Problem requirements
Whatever follows the line containing "msp.add_line(p, q, dxfattribs=at)" in the listing below should be printed exactly, along with that line itself.

Data under study

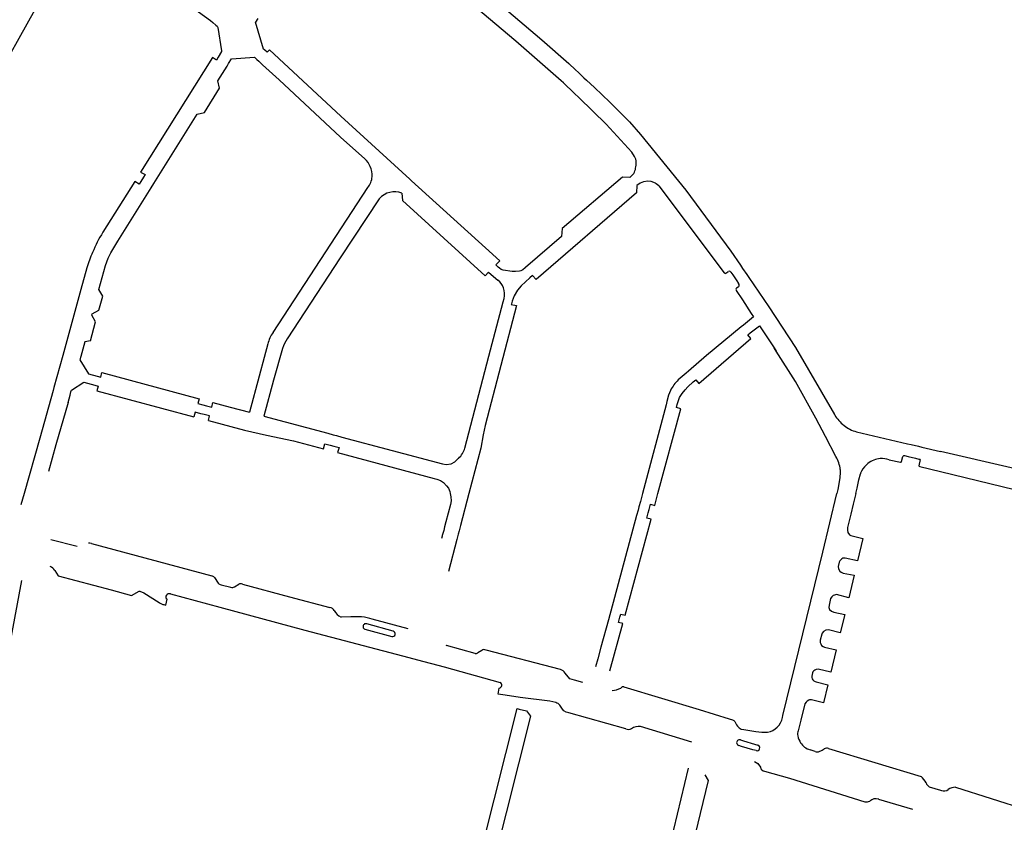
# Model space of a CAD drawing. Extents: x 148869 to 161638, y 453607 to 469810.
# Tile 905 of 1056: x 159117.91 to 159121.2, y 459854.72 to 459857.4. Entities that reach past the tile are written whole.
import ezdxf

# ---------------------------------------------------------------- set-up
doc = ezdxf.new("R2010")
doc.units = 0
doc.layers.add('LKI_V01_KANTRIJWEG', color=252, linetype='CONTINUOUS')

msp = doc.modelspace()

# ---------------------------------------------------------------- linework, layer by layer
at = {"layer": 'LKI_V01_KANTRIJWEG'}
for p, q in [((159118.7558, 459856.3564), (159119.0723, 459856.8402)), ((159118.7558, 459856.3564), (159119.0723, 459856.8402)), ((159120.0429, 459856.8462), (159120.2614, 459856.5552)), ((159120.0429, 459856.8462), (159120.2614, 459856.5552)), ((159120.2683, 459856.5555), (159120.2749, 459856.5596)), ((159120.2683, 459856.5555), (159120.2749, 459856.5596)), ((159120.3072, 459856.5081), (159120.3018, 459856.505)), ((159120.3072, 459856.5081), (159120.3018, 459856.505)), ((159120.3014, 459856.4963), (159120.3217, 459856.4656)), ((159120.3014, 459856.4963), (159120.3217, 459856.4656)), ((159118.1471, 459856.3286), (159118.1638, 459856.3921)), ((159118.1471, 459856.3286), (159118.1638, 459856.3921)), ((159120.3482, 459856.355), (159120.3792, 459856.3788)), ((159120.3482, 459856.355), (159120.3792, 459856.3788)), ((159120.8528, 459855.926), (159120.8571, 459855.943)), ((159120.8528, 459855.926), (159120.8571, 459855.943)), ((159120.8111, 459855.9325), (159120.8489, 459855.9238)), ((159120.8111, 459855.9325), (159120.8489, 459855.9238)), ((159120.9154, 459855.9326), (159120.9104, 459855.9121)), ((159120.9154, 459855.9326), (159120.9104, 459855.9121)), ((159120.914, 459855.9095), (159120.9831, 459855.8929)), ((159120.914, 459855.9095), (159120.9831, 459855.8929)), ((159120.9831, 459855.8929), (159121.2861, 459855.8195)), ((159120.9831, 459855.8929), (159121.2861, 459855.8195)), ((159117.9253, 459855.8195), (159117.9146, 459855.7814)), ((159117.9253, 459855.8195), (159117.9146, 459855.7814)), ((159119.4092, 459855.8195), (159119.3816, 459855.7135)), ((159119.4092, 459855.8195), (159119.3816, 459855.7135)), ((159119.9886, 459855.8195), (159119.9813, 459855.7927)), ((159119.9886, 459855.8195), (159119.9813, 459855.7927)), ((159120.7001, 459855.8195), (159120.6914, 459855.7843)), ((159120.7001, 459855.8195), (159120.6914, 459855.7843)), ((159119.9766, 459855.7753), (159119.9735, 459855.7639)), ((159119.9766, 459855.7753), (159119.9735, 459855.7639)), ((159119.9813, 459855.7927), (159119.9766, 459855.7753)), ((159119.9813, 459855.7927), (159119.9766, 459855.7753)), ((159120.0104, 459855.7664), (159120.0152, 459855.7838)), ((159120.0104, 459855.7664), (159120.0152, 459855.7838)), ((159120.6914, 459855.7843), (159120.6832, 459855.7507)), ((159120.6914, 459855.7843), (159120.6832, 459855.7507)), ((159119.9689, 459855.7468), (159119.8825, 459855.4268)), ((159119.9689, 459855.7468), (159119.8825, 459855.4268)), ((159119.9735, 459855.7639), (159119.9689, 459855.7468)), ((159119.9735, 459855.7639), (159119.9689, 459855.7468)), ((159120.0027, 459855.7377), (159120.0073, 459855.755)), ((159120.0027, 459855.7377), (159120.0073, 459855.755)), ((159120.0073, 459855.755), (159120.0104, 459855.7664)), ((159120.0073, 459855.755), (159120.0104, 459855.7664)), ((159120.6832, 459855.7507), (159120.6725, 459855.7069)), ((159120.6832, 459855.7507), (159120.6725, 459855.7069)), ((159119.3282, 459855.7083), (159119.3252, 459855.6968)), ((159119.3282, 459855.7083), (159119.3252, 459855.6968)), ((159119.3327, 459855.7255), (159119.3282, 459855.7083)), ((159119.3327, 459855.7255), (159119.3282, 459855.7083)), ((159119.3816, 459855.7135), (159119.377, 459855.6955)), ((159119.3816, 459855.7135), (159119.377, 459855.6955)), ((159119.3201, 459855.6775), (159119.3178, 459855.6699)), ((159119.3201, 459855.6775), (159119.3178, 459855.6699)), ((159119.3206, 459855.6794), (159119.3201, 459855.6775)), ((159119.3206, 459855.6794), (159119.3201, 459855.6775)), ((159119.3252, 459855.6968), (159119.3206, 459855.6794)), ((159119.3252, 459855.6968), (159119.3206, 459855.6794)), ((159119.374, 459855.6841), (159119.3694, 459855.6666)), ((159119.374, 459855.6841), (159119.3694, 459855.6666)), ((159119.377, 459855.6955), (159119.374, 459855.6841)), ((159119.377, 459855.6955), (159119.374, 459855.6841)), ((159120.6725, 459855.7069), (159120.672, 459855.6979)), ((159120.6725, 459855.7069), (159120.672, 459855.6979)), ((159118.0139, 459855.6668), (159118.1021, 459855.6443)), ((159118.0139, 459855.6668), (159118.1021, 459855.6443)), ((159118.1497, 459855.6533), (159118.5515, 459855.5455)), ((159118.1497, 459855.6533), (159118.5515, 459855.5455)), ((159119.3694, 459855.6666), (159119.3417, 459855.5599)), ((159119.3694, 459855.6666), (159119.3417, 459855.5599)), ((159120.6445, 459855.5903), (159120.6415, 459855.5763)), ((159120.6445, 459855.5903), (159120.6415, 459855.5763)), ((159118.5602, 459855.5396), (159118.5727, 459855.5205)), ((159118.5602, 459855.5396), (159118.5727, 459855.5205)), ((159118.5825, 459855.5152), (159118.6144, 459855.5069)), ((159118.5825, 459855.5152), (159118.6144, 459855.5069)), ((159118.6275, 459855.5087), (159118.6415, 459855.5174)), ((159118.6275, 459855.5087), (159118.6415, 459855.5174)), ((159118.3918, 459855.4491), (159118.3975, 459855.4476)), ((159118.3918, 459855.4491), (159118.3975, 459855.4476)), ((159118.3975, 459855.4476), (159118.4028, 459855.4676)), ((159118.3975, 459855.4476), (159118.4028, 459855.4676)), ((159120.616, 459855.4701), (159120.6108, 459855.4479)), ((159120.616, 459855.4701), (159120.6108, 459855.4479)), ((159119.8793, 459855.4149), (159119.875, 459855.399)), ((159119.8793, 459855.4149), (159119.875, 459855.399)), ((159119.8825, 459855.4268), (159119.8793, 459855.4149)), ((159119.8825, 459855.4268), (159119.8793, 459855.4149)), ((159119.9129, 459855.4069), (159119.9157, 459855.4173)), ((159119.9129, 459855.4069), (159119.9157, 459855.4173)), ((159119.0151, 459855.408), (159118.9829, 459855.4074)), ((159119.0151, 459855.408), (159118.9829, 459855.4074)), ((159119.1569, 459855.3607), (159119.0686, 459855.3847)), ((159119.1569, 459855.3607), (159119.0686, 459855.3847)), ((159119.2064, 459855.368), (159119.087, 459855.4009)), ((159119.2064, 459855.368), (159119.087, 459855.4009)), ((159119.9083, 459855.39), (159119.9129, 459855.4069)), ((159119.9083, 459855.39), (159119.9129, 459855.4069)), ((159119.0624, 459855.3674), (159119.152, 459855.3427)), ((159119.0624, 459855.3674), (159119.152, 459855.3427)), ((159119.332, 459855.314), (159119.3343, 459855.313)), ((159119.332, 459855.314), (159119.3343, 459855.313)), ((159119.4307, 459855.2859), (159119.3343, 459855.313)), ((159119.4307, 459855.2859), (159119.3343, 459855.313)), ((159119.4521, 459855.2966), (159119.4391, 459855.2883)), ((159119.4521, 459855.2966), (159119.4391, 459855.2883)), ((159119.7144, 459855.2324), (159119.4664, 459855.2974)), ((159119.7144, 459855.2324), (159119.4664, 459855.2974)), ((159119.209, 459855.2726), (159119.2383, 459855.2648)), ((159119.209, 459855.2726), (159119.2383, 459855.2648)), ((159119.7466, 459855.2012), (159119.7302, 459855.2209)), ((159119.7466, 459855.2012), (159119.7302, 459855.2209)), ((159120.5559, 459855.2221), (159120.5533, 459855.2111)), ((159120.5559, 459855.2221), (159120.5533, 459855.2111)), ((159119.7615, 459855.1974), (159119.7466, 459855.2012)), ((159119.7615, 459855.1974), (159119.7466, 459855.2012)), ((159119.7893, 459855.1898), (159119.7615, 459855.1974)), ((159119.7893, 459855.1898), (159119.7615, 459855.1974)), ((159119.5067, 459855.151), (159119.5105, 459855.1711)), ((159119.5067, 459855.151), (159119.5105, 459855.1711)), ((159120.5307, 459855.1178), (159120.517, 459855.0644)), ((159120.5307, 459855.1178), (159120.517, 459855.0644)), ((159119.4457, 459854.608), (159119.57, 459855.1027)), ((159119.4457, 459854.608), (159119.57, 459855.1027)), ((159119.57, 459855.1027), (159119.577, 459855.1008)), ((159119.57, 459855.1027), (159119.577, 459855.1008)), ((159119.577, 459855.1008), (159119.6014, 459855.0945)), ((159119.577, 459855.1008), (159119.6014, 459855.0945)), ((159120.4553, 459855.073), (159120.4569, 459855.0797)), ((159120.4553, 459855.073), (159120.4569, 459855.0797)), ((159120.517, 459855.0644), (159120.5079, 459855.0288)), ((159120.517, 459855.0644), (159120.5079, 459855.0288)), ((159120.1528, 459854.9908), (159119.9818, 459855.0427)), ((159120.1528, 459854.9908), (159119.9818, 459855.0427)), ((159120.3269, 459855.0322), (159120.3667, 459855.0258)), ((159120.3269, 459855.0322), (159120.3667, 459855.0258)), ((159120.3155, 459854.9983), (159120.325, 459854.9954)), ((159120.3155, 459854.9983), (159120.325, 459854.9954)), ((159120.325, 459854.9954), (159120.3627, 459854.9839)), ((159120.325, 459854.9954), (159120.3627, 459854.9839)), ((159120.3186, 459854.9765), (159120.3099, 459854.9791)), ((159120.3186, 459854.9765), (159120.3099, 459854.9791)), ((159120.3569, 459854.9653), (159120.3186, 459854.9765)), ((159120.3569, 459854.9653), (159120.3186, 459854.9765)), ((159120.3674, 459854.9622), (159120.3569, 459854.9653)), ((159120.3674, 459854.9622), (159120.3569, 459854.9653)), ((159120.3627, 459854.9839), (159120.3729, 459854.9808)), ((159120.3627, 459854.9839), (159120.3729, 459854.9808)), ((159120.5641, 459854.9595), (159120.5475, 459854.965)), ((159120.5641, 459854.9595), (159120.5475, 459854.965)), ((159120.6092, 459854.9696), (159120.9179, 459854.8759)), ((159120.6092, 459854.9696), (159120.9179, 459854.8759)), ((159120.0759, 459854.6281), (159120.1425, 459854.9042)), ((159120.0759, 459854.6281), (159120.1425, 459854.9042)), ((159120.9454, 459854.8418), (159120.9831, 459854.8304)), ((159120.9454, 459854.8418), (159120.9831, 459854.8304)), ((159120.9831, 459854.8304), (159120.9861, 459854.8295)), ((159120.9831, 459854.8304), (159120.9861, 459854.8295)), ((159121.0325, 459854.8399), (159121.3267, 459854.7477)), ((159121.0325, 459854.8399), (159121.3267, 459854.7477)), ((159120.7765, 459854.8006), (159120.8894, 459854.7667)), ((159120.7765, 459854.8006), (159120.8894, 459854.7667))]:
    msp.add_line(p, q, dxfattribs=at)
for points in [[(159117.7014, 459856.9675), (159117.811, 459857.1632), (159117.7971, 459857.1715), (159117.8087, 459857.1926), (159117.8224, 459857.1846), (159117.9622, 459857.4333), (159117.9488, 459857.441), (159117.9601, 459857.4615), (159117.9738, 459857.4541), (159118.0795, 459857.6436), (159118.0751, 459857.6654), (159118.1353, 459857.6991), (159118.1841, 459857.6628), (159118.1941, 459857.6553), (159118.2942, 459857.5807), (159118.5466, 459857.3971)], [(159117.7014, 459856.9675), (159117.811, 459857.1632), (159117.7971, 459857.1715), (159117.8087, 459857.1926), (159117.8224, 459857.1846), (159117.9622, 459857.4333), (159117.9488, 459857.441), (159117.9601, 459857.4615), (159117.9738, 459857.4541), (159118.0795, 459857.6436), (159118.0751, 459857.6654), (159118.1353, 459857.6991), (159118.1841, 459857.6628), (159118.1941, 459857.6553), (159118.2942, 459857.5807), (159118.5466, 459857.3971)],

Exercise output
    msp.add_line(p, q, dxfattribs=at)
for points in [[(159117.7014, 459856.9675), (159117.811, 459857.1632), (159117.7971, 459857.1715), (159117.8087, 459857.1926), (159117.8224, 459857.1846), (159117.9622, 459857.4333), (159117.9488, 459857.441), (159117.9601, 459857.4615), (159117.9738, 459857.4541), (159118.0795, 459857.6436), (159118.0751, 459857.6654), (159118.1353, 459857.6991), (159118.1841, 459857.6628), (159118.1941, 459857.6553), (159118.2942, 459857.5807), (159118.5466, 459857.3971)], [(159117.7014, 459856.9675), (159117.811, 459857.1632), (159117.7971, 459857.1715), (159117.8087, 459857.1926), (159117.8224, 459857.1846), (159117.9622, 459857.4333), (159117.9488, 459857.441), (159117.9601, 459857.4615), (159117.9738, 459857.4541), (159118.0795, 459857.6436), (159118.0751, 459857.6654), (159118.1353, 459857.6991), (159118.1841, 459857.6628), (159118.1941, 459857.6553), (159118.2942, 459857.5807), (159118.5466, 459857.3971)],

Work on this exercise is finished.